Exercise aim:
Print each entry in full, word for word, with no pictures in the result.

(Data items)
_ _ _ _

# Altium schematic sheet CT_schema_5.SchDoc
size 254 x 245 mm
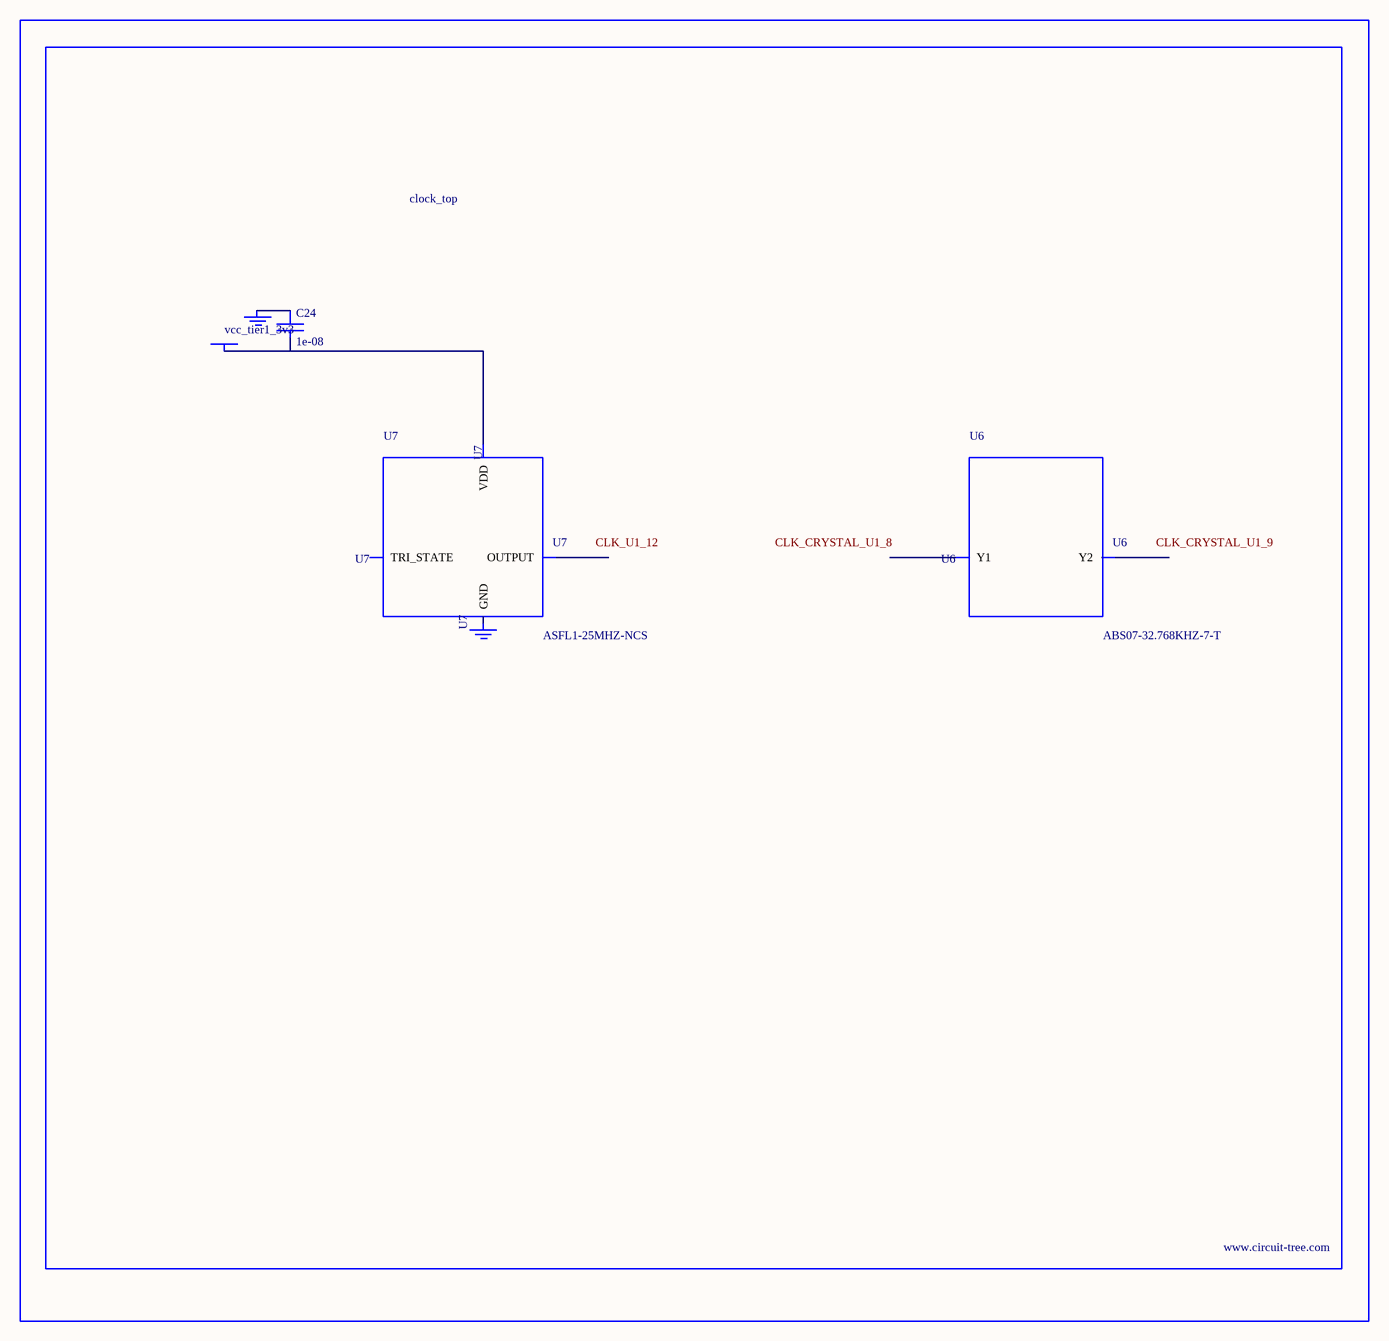
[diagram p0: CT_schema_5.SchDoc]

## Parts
BORDER4  (no value)
C24  1e-08  [C0402]
GND_INSTANCE_4_0  (no value)
GND_INSTANCE_4_1  (no value)
POWER_INSTANCE_4_0  vcc_tier1_3v3
U6  ABS07-32.768KHZ-7-T  [ABS07-32.768KHZ-7-T]
U7  ASFL1-25MHZ-NCS  [ASFL1]

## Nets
NetC24_1: C24.1 GND_INSTANCE_4_0.0(GND)
NetC24_2: C24.2 POWER_INSTANCE_4_0.0(PWR) U7.4(VDD)

Not connected (* = marked no-connect by the designer): GND_INSTANCE_4_1 0(GND); U6 1(Y1) 2(Y2); U7 1(TRI_STATE) 2(GND) 3(OUTPUT)

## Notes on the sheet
- Labels drawn without touching a wire or pin: CLK_CRYSTAL_U1_8, CLK_CRYSTAL_U1_9, CLK_U1_12

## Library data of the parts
BORDER4 = BORDER_PAGE4
C24 = C0402C103K3RAC
GND_INSTANCE_4_0 GND_INSTANCE_4_1 = GND
POWER_INSTANCE_4_0 = PWR

_ _ _ _

Output below:
# Altium schematic sheet CT_schema_5.SchDoc
size 254 x 245 mm
[diagram p0: CT_schema_5.SchDoc]

## Parts
BORDER4  (no value)
C24  1e-08  [C0402]
GND_INSTANCE_4_0  (no value)
GND_INSTANCE_4_1  (no value)
POWER_INSTANCE_4_0  vcc_tier1_3v3
U6  ABS07-32.768KHZ-7-T  [ABS07-32.768KHZ-7-T]
U7  ASFL1-25MHZ-NCS  [ASFL1]

## Nets
NetC24_1: C24.1 GND_INSTANCE_4_0.0(GND)
NetC24_2: C24.2 POWER_INSTANCE_4_0.0(PWR) U7.4(VDD)

Not connected (* = marked no-connect by the designer): GND_INSTANCE_4_1 0(GND); U6 1(Y1) 2(Y2); U7 1(TRI_STATE) 2(GND) 3(OUTPUT)

## Notes on the sheet
- Labels drawn without touching a wire or pin: CLK_CRYSTAL_U1_8, CLK_CRYSTAL_U1_9, CLK_U1_12

## Library data of the parts
BORDER4 = BORDER_PAGE4
C24 = C0402C103K3RAC
GND_INSTANCE_4_0 GND_INSTANCE_4_1 = GND
POWER_INSTANCE_4_0 = PWR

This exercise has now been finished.